Over at the Sheraton Towers in midtown today, assorted tourists and gawkers were checking out a preview of the auction of belongings the U.S. Marshals had seized from the estate of Bernard Madoff, which will be officially for sale at 10 a.m. tomorrow. The bulk of the things on offer is jewelry belonging to Ruth Madoff, and the Ponzi schemer's famed Rolex collection, which was laid out in well-lit cases alongside the various other trinkets Feds have seized in recent years, including a "grill" mouthpiece studded with rhinestones and tiny rose-gold crosses and a fourteen-karat, diamond-studded pendant reading "4 Life or Death." "How would you like that?" a stubby gentleman asked the woman with him, a tall, Louis Vuitton–toting blonde. They both laughed.
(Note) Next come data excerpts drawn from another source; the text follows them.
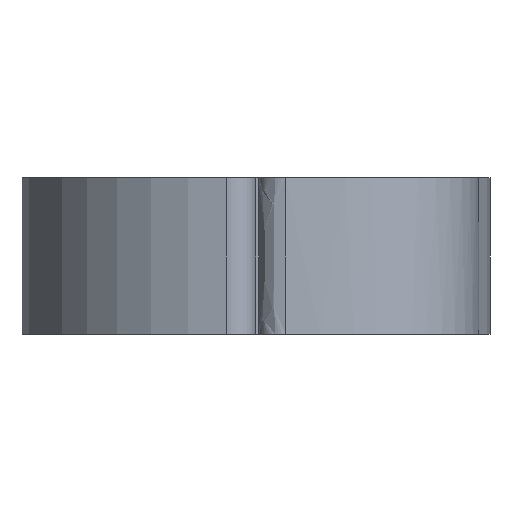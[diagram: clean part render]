
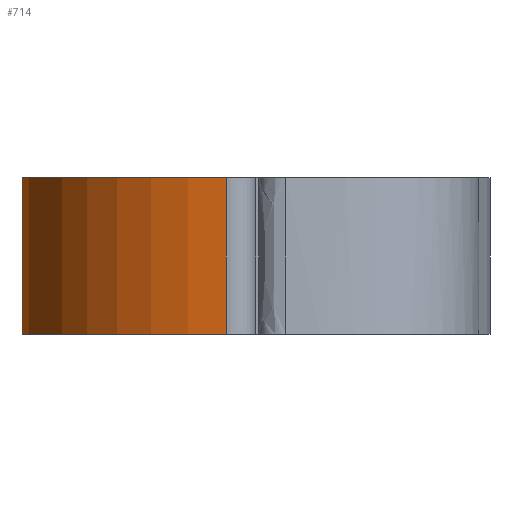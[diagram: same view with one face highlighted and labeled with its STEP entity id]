
A CAD part, front view. The second image highlights one B-rep face of the part: STEP entity #714.
In plain terms, the highlighted cylindrical face has radius 9 mm (diameter 18 mm), a partial arc.
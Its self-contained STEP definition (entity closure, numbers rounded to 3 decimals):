
#24=CYLINDRICAL_SURFACE('',#780,9.);
#44=CIRCLE('',#752,9.);
#56=CIRCLE('',#781,9.);
#73=LINE('',#1328,#110);
#94=LINE('',#1611,#131);
#110=VECTOR('',#847,10.);
#131=VECTOR('',#906,10.);
#174=FACE_OUTER_BOUND('',#213,.T.);
#213=EDGE_LOOP('',(#593,#594,#595,#596));
#293=VERTEX_POINT('',#1117);
#294=VERTEX_POINT('',#1119);
#313=VERTEX_POINT('',#1326);
#335=VERTEX_POINT('',#1610);
#368=EDGE_CURVE('',#294,#293,#44,.T.);
#393=EDGE_CURVE('',#313,#293,#73,.T.);
#434=EDGE_CURVE('',#294,#335,#94,.T.);
#437=EDGE_CURVE('',#335,#313,#56,.T.);
#593=ORIENTED_EDGE('',*,*,#393,.F.);
#594=ORIENTED_EDGE('',*,*,#437,.F.);
#595=ORIENTED_EDGE('',*,*,#434,.F.);
#596=ORIENTED_EDGE('',*,*,#368,.T.);
#714=ADVANCED_FACE('',(#174),#24,.T.);
#752=AXIS2_PLACEMENT_3D('',#1120,#827,#828);
#780=AXIS2_PLACEMENT_3D('',#1615,#910,#911);
#781=AXIS2_PLACEMENT_3D('',#1616,#912,#913);
#827=DIRECTION('center_axis',(0.,0.,1.));
#828=DIRECTION('ref_axis',(-0.788,0.615,0.));
#847=DIRECTION('',(0.,0.,-1.));
#906=DIRECTION('',(0.,0.,1.));
#910=DIRECTION('center_axis',(0.,0.,1.));
#911=DIRECTION('ref_axis',(-0.788,0.615,0.));
#912=DIRECTION('center_axis',(0.,0.,1.));
#913=DIRECTION('ref_axis',(-0.788,0.615,0.));
#1117=CARTESIAN_POINT('',(-1.125,-16.929,0.));
#1119=CARTESIAN_POINT('',(-8.249,-4.4,0.));
#1120=CARTESIAN_POINT('Origin',(0.,-8.,0.));
#1326=CARTESIAN_POINT('',(-1.125,-16.929,6.));
#1328=CARTESIAN_POINT('',(-1.125,-16.929,0.));
#1610=CARTESIAN_POINT('',(-8.249,-4.4,6.));
#1611=CARTESIAN_POINT('',(-8.249,-4.4,0.));
#1615=CARTESIAN_POINT('Origin',(0.,-8.,0.));
#1616=CARTESIAN_POINT('Origin',(0.,-8.,6.));
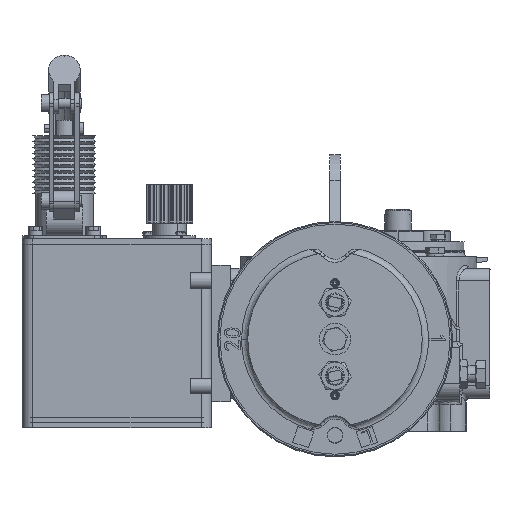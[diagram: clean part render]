
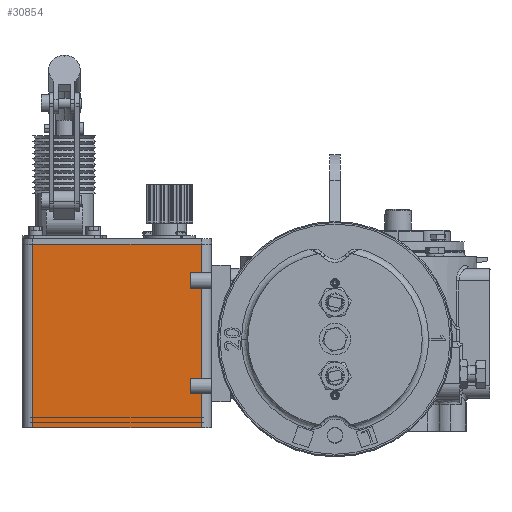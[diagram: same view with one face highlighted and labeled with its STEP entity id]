
A CAD part, left-side view. The second image highlights one B-rep face of the part: STEP entity #30854.
In plain terms, the highlighted planar face has unit normal (-1, 0, 0).
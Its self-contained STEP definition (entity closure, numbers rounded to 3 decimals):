
#317 = EDGE_CURVE ( 'NONE', #87965, #77991, #18304, .T. ) ;
#1268 = CARTESIAN_POINT ( 'NONE',  ( -90., 150., -27. ) ) ;
#2567 = DIRECTION ( 'NONE',  ( 0., 1., 0. ) ) ;
#6188 = EDGE_CURVE ( 'NONE', #99426, #86934, #88446, .T. ) ;
#9833 = DIRECTION ( 'NONE',  ( 0., 0., -1. ) ) ;
#10454 = DIRECTION ( 'NONE',  ( 0., 1., 0. ) ) ;
#10674 = ORIENTED_EDGE ( 'NONE', *, *, #6188, .F. ) ;
#13387 = ORIENTED_EDGE ( 'NONE', *, *, #317, .T. ) ;
#15925 = VECTOR ( 'NONE', #2567, 1000. ) ;
#18304 = LINE ( 'NONE', #26992, #100488 ) ;
#18516 = CARTESIAN_POINT ( 'NONE',  ( -90., 310., -27. ) ) ;
#21960 = CARTESIAN_POINT ( 'NONE',  ( -90., 150., 148. ) ) ;
#26992 = CARTESIAN_POINT ( 'NONE',  ( -90., 230., 148. ) ) ;
#28257 = VECTOR ( 'NONE', #9833, 1000. ) ;
#29031 = DIRECTION ( 'NONE',  ( 0., 0., -1. ) ) ;
#30854 = ADVANCED_FACE ( 'NONE', ( #33969 ), #65206, .F. ) ;
#33969 = FACE_OUTER_BOUND ( 'NONE', #69668, .T. ) ;
#34744 = AXIS2_PLACEMENT_3D ( 'NONE', #67232, #98399, #10454 ) ;
#36397 = VECTOR ( 'NONE', #29031, 1000. ) ;
#36683 = CARTESIAN_POINT ( 'NONE',  ( -90., 150., 60.5 ) ) ;
#43555 = EDGE_CURVE ( 'NONE', #77991, #86934, #49212, .T. ) ;
#49212 = LINE ( 'NONE', #55411, #28257 ) ;
#55411 = CARTESIAN_POINT ( 'NONE',  ( -90., 310., 60.5 ) ) ;
#58237 = DIRECTION ( 'NONE',  ( 0., 1., 0. ) ) ;
#60251 = LINE ( 'NONE', #36683, #36397 ) ;
#65206 = PLANE ( 'NONE',  #34744 ) ;
#65467 = CARTESIAN_POINT ( 'NONE',  ( -90., 230., -27. ) ) ;
#67232 = CARTESIAN_POINT ( 'NONE',  ( -90., 150., -27. ) ) ;
#69668 = EDGE_LOOP ( 'NONE', ( #81043, #13387, #77301, #10674 ) ) ;
#77301 = ORIENTED_EDGE ( 'NONE', *, *, #43555, .T. ) ;
#77781 = CARTESIAN_POINT ( 'NONE',  ( -90., 310., 148. ) ) ;
#77991 = VERTEX_POINT ( 'NONE', #77781 ) ;
#81043 = ORIENTED_EDGE ( 'NONE', *, *, #93802, .F. ) ;
#86934 = VERTEX_POINT ( 'NONE', #18516 ) ;
#87965 = VERTEX_POINT ( 'NONE', #21960 ) ;
#88446 = LINE ( 'NONE', #65467, #15925 ) ;
#93802 = EDGE_CURVE ( 'NONE', #87965, #99426, #60251, .T. ) ;
#98399 = DIRECTION ( 'NONE',  ( 1., 0., 0. ) ) ;
#99426 = VERTEX_POINT ( 'NONE', #1268 ) ;
#100488 = VECTOR ( 'NONE', #58237, 1000. ) ;
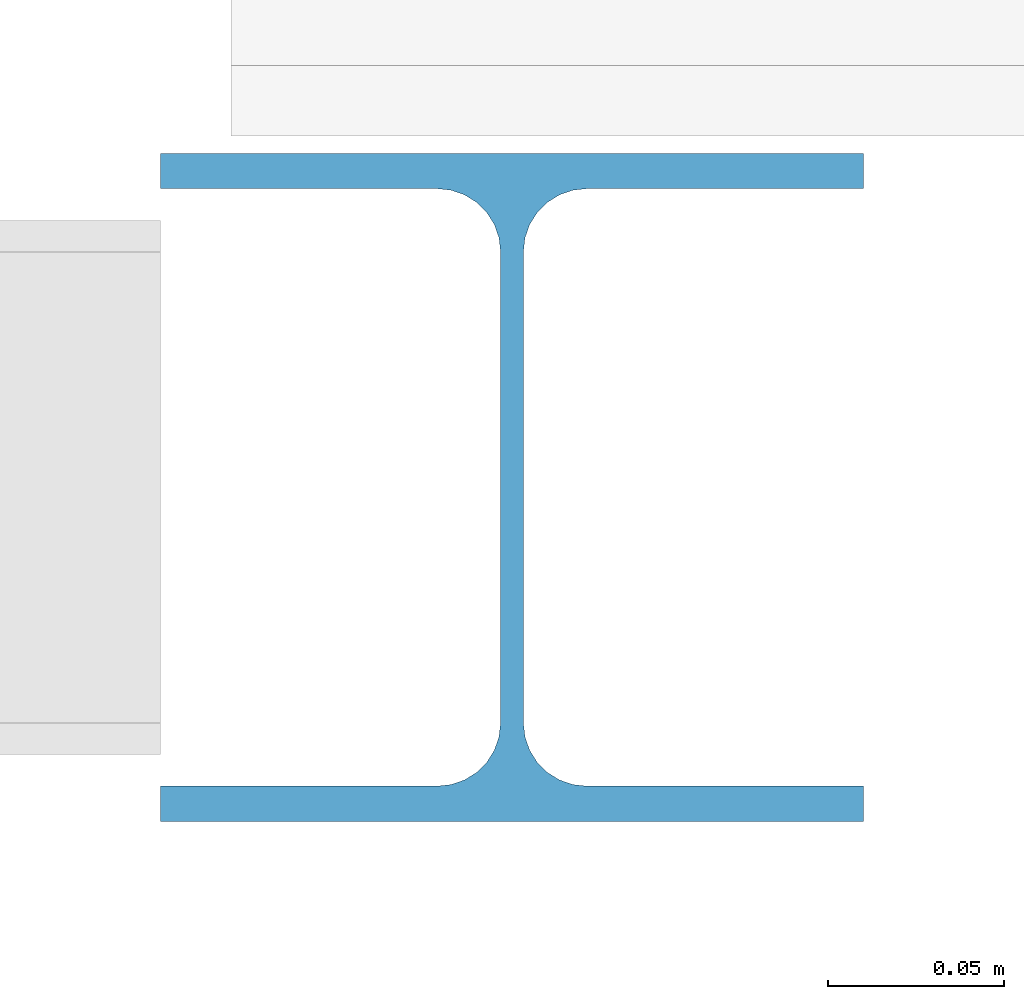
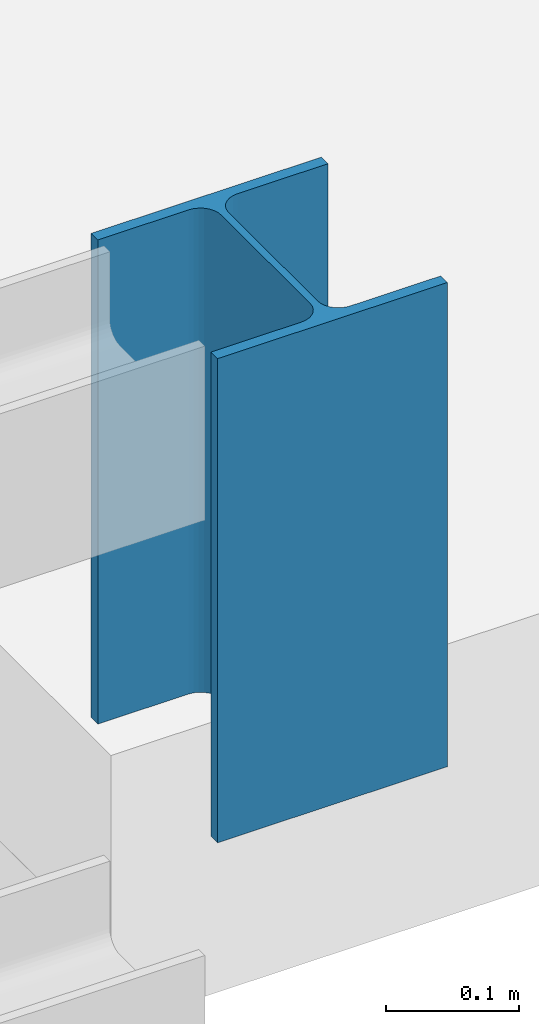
# One storey, part 6 of 36: 1 column.
"""IFC2X3 building model written with IfcOpenShell, lengths in millimetres."""

from ifc_helpers import new_model, entity, si_unit, converted_unit, derived_unit, direction, frame, frame_2d, origin, place, context, subcontext, project, spatial, polyline, circle_curve, parameter, trimmed, segment, composite_curve, outline, extrude, source, transform, mapped, material, type_object, type_shapes, element, save


model = new_model("IFC2X3")

# Units and contexts
model_context = context("Model", 3, precision=0.01, world=origin(), true_north=direction((6.12303176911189e-17, 1.0)))
body_context = subcontext(model_context, "Body", "Model", "MODEL_VIEW")
ifc_project = project(units=[si_unit("LENGTHUNIT", "METRE", prefix="MILLI"), si_unit("AREAUNIT", "SQUARE_METRE"), si_unit("VOLUMEUNIT", "CUBIC_METRE"), converted_unit("PLANEANGLEUNIT", "DEGREE", entity("IfcRatioMeasure", 0.0174532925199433), si_unit("PLANEANGLEUNIT", "RADIAN"), dimensions=[0, 0, 0, 0, 0, 0, 0]), si_unit("MASSUNIT", "GRAM", prefix="KILO"), derived_unit("MASSDENSITYUNIT", [(si_unit("MASSUNIT", "GRAM", prefix="KILO"), 1), (si_unit("LENGTHUNIT", "METRE"), -3)]), si_unit("TIMEUNIT", "SECOND"), si_unit("FREQUENCYUNIT", "HERTZ"), si_unit("THERMODYNAMICTEMPERATUREUNIT", "DEGREE_CELSIUS"), derived_unit("THERMALTRANSMITTANCEUNIT", [(si_unit("MASSUNIT", "GRAM", prefix="KILO"), 1), (si_unit("THERMODYNAMICTEMPERATUREUNIT", "KELVIN"), -1), (si_unit("TIMEUNIT", "SECOND"), -3)]), derived_unit("VOLUMETRICFLOWRATEUNIT", [(si_unit("LENGTHUNIT", "METRE"), 3), (si_unit("TIMEUNIT", "SECOND"), -1)]), si_unit("ELECTRICCURRENTUNIT", "AMPERE"), si_unit("ELECTRICVOLTAGEUNIT", "VOLT"), si_unit("POWERUNIT", "WATT"), si_unit("FORCEUNIT", "NEWTON", prefix="KILO"), si_unit("ILLUMINANCEUNIT", "LUX"), si_unit("LUMINOUSFLUXUNIT", "LUMEN"), si_unit("LUMINOUSINTENSITYUNIT", "CANDELA"), derived_unit("USERDEFINED", [(si_unit("MASSUNIT", "GRAM", prefix="KILO"), -1), (si_unit("LENGTHUNIT", "METRE"), -2), (si_unit("TIMEUNIT", "SECOND"), 3), (si_unit("LUMINOUSFLUXUNIT", "LUMEN"), 1)]), derived_unit("LINEARVELOCITYUNIT", [(si_unit("LENGTHUNIT", "METRE"), 1), (si_unit("TIMEUNIT", "SECOND"), -1)]), si_unit("PRESSUREUNIT", "PASCAL"), derived_unit("USERDEFINED", [(si_unit("LENGTHUNIT", "METRE"), -2), (si_unit("MASSUNIT", "GRAM", prefix="KILO"), 1), (si_unit("TIMEUNIT", "SECOND"), -2)])], contexts=[model_context])

# Site, building, storey
site_placement = place(None, origin())
site = spatial("IfcSite", under=ifc_project, at=site_placement, Name="Default", CompositionType="ELEMENT")
building_placement = place(site_placement, origin())
building = spatial("IfcBuilding", under=site, at=building_placement, Name="niet gebruiken", CompositionType="ELEMENT")
storey_placement = place(building_placement, frame((0.0, 0.0, 12600.0)))
storey = spatial("IfcBuildingStorey", under=building, at=storey_placement, Name="04 vierde verdieping", CompositionType="ELEMENT", Elevation=12600.0)

# Column
ifc_material = material(Name="NLRS_h2_staal")
column_type = type_object("IfcColumnType", Name="kolom HEA 200", PredefinedType="COLUMN", material=ifc_material)
shared_shape = source(origin(), body_context, "Body", "SweptSolid", [
    extrude(outline(composite_curve([segment(polyline([(85.0, -100.0), (95.0, -100.0)]), True, "CONTINUOUS"), segment(polyline([(95.0, -100.0), (95.0, 100.0)]), True, "CONTINUOUS"), segment(polyline([(95.0, 100.0), (85.0, 100.0)]), True, "CONTINUOUS"), segment(polyline([(85.0, 100.0), (85.0, 21.2499999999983)]), True, "CONTINUOUS"), segment(trimmed(circle_curve(frame_2d((67.0, 21.2499999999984), x_axis=(1.0, 0.0)), 18.0), [parameter(270.0)], [parameter(0.0)], True, "PARAMETER"), False, "CONTINUOUS"), segment(polyline([(67.0, 3.24999999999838), (-67.0, 3.24999999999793)]), True, "CONTINUOUS"), segment(trimmed(circle_curve(frame_2d((-67.0, 21.2499999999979), x_axis=(0.0, -1.0)), 18.0), [parameter(270.0)], [parameter(0.0)], True, "PARAMETER"), False, "CONTINUOUS"), segment(polyline([(-85.0, 21.2499999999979), (-85.0, 100.0)]), True, "CONTINUOUS"), segment(polyline([(-85.0, 100.0), (-95.0, 100.0)]), True, "CONTINUOUS"), segment(polyline([(-95.0, 100.0), (-95.0, -100.0)]), True, "CONTINUOUS"), segment(polyline([(-95.0, -100.0), (-85.0, -100.0)]), True, "CONTINUOUS"), segment(polyline([(-85.0, -100.0), (-85.0, -21.250000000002)]), True, "CONTINUOUS"), segment(trimmed(circle_curve(frame_2d((-67.0, -21.2500000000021), x_axis=(-1.0, 0.0)), 18.0), [parameter(270.0)], [parameter(0.0)], True, "PARAMETER"), False, "CONTINUOUS"), segment(polyline([(-67.0, -3.25000000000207), (67.0, -3.25000000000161)]), True, "CONTINUOUS"), segment(trimmed(circle_curve(frame_2d((67.0, -21.2500000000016), x_axis=(0.0, 1.0)), 18.0), [parameter(270.0)], [parameter(0.0)], True, "PARAMETER"), False, "CONTINUOUS"), segment(polyline([(85.0, -21.2500000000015), (85.0, -100.0)]), True, "CONTINUOUS")], self_intersect=False)), frame((0.0, 0.0, 12555.0), z_axis=(0.0, 0.0, 1.0), x_axis=(0.0, -1.0, 0.0)), (0.0, 0.0, 1.0), 445.000000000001),
])
type_shapes(column_type, [shared_shape])
column_placement = place(storey_placement, frame((59400.0, 300.0, -12600.0), z_axis=(0.0, 0.0, 1.0), x_axis=(-1.0, 0.0, 0.0)))
element("IfcColumn", 1, at=column_placement, inside=storey, type_object=column_type, material=ifc_material, Name="NLRS_28.11_SCO_TLB_stalen kolom HEA_gen:kolom HEA 200", ObjectType="kolom HEA 200", context=body_context, shape_type="MappedRepresentation", body=[
    mapped(shared_shape, transform((0.0, 0.0, 0.0), scale=1.0)),
])

save(model, "model.ifc")
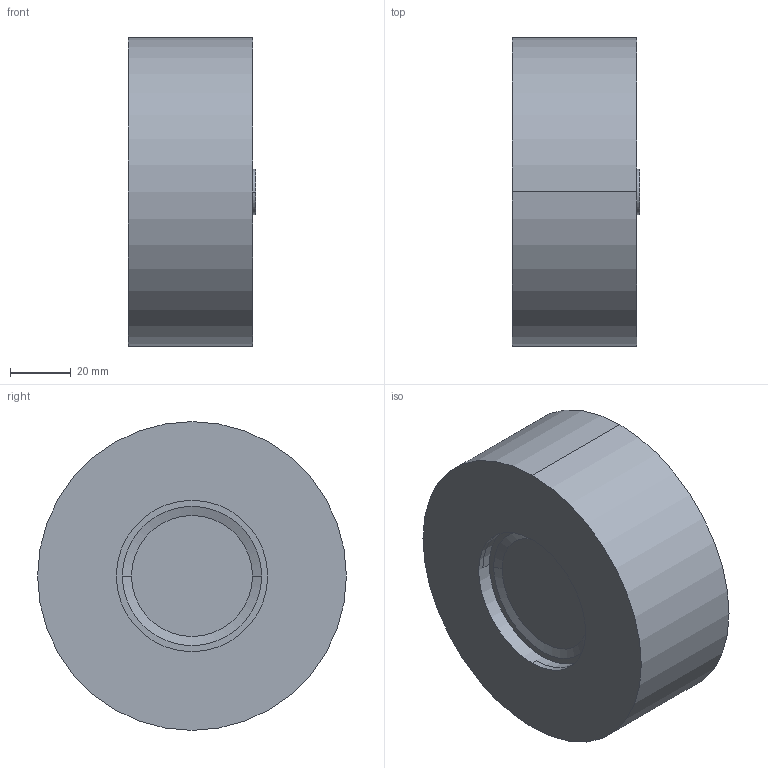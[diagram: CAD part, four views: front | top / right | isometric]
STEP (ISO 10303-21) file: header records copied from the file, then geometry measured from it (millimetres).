
FILE_DESCRIPTION((''),'2;1');
FILE_NAME('CV-16WS_SB_ASM','2026-05-07T',('user'),(''),'PRO/ENGINEER BY PARAMETRIC TECHNOLOGY CORPORATION, 2011220','PRO/ENGINEER BY PARAMETRIC TECHNOLOGY CORPORATION, 2011220','');
FILE_SCHEMA(('CONFIG_CONTROL_DESIGN'));
Length unit declared in the file: millimetre
Products named in the file (5): H71W_KORPUS; H71W_DISK; H71W_KORPUS_2; H71W_PRUZINA; CV-16WS_SB_ASM
Assembly tree (4 placements, depth 2):
  CV-16WS_SB_ASM
    H71W_KORPUS
    H71W_DISK
    H71W_KORPUS_2
    H71W_PRUZINA
Bounding box: 42 x 102 x 102 mm (x, y, z)
Volume: 106196.9 mm3; surface area: 69038.3 mm2
Topology: 4 solids, 6 shells, 74 faces, 174 edges, 114 vertices
Faces by surface type: cylinder 42, plane 20, bspline 8, cone 4
Entity records: 4391 total; most frequent: CARTESIAN_POINT 2497, DIRECTION 404, ORIENTED_EDGE 340, EDGE_CURVE 174, AXIS2_PLACEMENT_3D 169, VERTEX_POINT 114, EDGE_LOOP 90, CIRCLE 90

The Madoff cache was the main attraction. The rest of the family's belongings were set up off to the side, in little vignettes, like displays in a Museum of Once-Happy Families. Art, sculptures, and assorted wooden furniture were grouped together in a homey way, while the more outdoorsy things — a boogie board with "Madoff" scrawled on it in Sharpie, a life preserver from one of the family yachts, golf tees, a couple of polo shirts embroidered with the BLMIS logo — were arranged jauntily together. And then there were the personal effects, which mostly belonged to Ruth: handbags, belts, a couple of pairs of boots, a row of fur coats in plastic bags. Looking at them felt strange, like rifling through someone's closet without their permission. Which, in a way, we were. "It looks like it's never been used," one of the women working the show marveled to a potential buyer of a Chanel handbag. "Can you imagine?" She shook her head. "I'm a very private person," she said. "Even if I did something really wrong, I wouldn't think it was right for people to go through all my things, judging me." At least they weren't selling off the contents of the Madoffs underwear drawer, we joked. Her eyes widened. "No, they are," she said. "We aren't selling it here, but they have all of it. They have everything."